Samstag, 25. Mai 2013

das stärkste t-shirt von hess natur

seit vielen jahren schon kaufe ich einen teil meiner kleidung bei hessnatur, aus den besten naturmaterialien, bio und fair produziert.

die preise erscheinen nur auf den ersten blick ein bißchen hoch - aber das amortisiert sich schnell: fast alle stücke sind bei mir zu lieblingsstücken geworden, die mich jahrelang begleiten, manches auch schon länger als ein jahrzehnt.

als es mal eine zeitlang einen second-season-laden in freiburg gab, war ich dort stammkundin: da ich nur wenig geld habe, kann ich mir billige klaotten einfach nicht leisten: ich will gute qualität, die lange hält, 'was hermacht' und ohne schlechtes gewissen tragbar ist.

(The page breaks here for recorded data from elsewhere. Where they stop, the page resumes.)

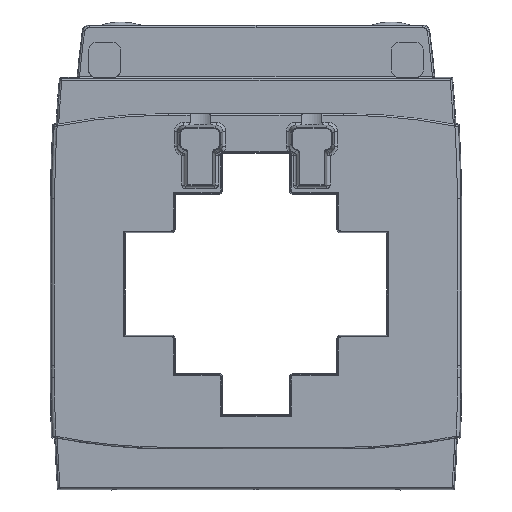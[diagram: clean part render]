
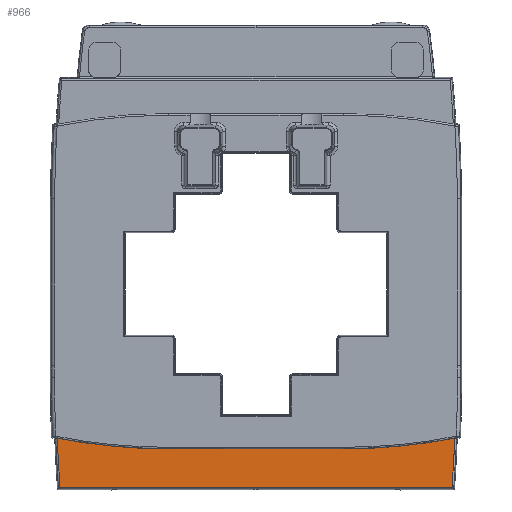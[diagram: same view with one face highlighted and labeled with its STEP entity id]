
A CAD part, front view. The second image highlights one B-rep face of the part: STEP entity #966.
In plain terms, the highlighted planar face has unit normal (0, -1, 0).
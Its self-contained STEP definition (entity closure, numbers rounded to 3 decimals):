
#569=CIRCLE('',#9219,375.154);
#570=CIRCLE('',#9222,375.154);
#966=ADVANCED_FACE('',(#1648),#1362,.T.);
#1362=PLANE('',#9223);
#1648=FACE_OUTER_BOUND('',#2183,.T.);
#2183=EDGE_LOOP('',(#4925,#4926,#4927,#4928,#4929,#4930));
#2767=LINE('',#14149,#3317);
#2790=LINE('',#14236,#3340);
#3317=VECTOR('',#10727,1.);
#3340=VECTOR('',#10784,1.);
#4925=ORIENTED_EDGE('',*,*,#7882,.T.);
#4926=ORIENTED_EDGE('',*,*,#7919,.F.);
#4927=ORIENTED_EDGE('',*,*,#7920,.F.);
#4928=ORIENTED_EDGE('',*,*,#7917,.F.);
#4929=ORIENTED_EDGE('',*,*,#7921,.F.);
#4930=ORIENTED_EDGE('',*,*,#7922,.T.);
#6893=VERTEX_POINT('',#14148);
#6894=VERTEX_POINT('',#14150);
#6920=VERTEX_POINT('',#14235);
#6921=VERTEX_POINT('',#14237);
#6922=VERTEX_POINT('',#14244);
#6923=VERTEX_POINT('',#14247);
#7882=EDGE_CURVE('',#6894,#6893,#2767,.T.);
#7917=EDGE_CURVE('',#6920,#6921,#2790,.T.);
#7919=EDGE_CURVE('',#6922,#6893,#569,.T.);
#7920=EDGE_CURVE('',#6921,#6922,#8756,.T.);
#7921=EDGE_CURVE('',#6923,#6920,#8757,.T.);
#7922=EDGE_CURVE('',#6923,#6894,#570,.T.);
#8756=ELLIPSE('',#9220,181.08,181.053);
#8757=ELLIPSE('',#9221,181.079,181.052);
#9219=AXIS2_PLACEMENT_3D('',#14243,#10787,#10788);
#9220=AXIS2_PLACEMENT_3D('',#14245,#10789,#10790);
#9221=AXIS2_PLACEMENT_3D('',#14246,#10791,#10792);
#9222=AXIS2_PLACEMENT_3D('',#14248,#10793,#10794);
#9223=AXIS2_PLACEMENT_3D('',#14249,#10795,#10796);
#10727=DIRECTION('',(1.,0.,0.));
#10784=DIRECTION('',(1.,0.,0.));
#10787=DIRECTION('',(0.,1.,0.));
#10788=DIRECTION('',(0.,0.,1.));
#10789=DIRECTION('',(0.,-1.,0.));
#10790=DIRECTION('',(0.134,0.,-0.991));
#10791=DIRECTION('',(0.,-1.,0.));
#10792=DIRECTION('',(-0.067,0.,-0.998));
#10793=DIRECTION('',(0.,-1.,0.));
#10794=DIRECTION('',(0.,0.,1.));
#10795=DIRECTION('',(0.,-1.,0.));
#10796=DIRECTION('',(0.,0.,-1.));
#14148=CARTESIAN_POINT('',(61.01,-18.5,-63.338));
#14149=CARTESIAN_POINT('',(3.036,-18.5,-63.338));
#14150=CARTESIAN_POINT('',(-61.01,-18.5,-63.338));
#14235=CARTESIAN_POINT('',(-27.3,-18.5,-51.356));
#14236=CARTESIAN_POINT('',(32.136,-18.5,-51.355));
#14237=CARTESIAN_POINT('',(27.3,-18.5,-51.356));
#14243=CARTESIAN_POINT('',(-313.077,-18.5,-35.063));
#14244=CARTESIAN_POINT('',(61.853,-18.5,-48.02));
#14245=CARTESIAN_POINT('',(27.225,-18.5,129.719));
#14246=CARTESIAN_POINT('',(-27.233,-18.5,129.719));
#14247=CARTESIAN_POINT('',(-61.853,-18.5,-48.02));
#14248=CARTESIAN_POINT('',(313.077,-18.5,-35.063));
#14249=CARTESIAN_POINT('',(3.036,-18.5,-21.442));

hessnatur - t-shirt no. 1311 - farbe aster

nun produziert hessnatur ein neues t-shirt aus bio-baumwolle, genannt "das stärkste". vorab dürfen es 3000 hessnatur-insider testen - und ich bin eine davon. da habe ich endlich auch einmal glück gehabt im leben und etwas gewonnen!

gleichzeitig habe ich allerdings auch mal wieder pech, denn - leider - gefällt mir die farbe nicht - zumindest nicht für ein kleidungsstück, das sich an meinem körper befindet.

während die herren sich über ein elegantes dunkelnachtblau freuen konnten, wurden wir mädchen mit "irgendwie rosa" abgespeist - ein farbton namens 'aster'.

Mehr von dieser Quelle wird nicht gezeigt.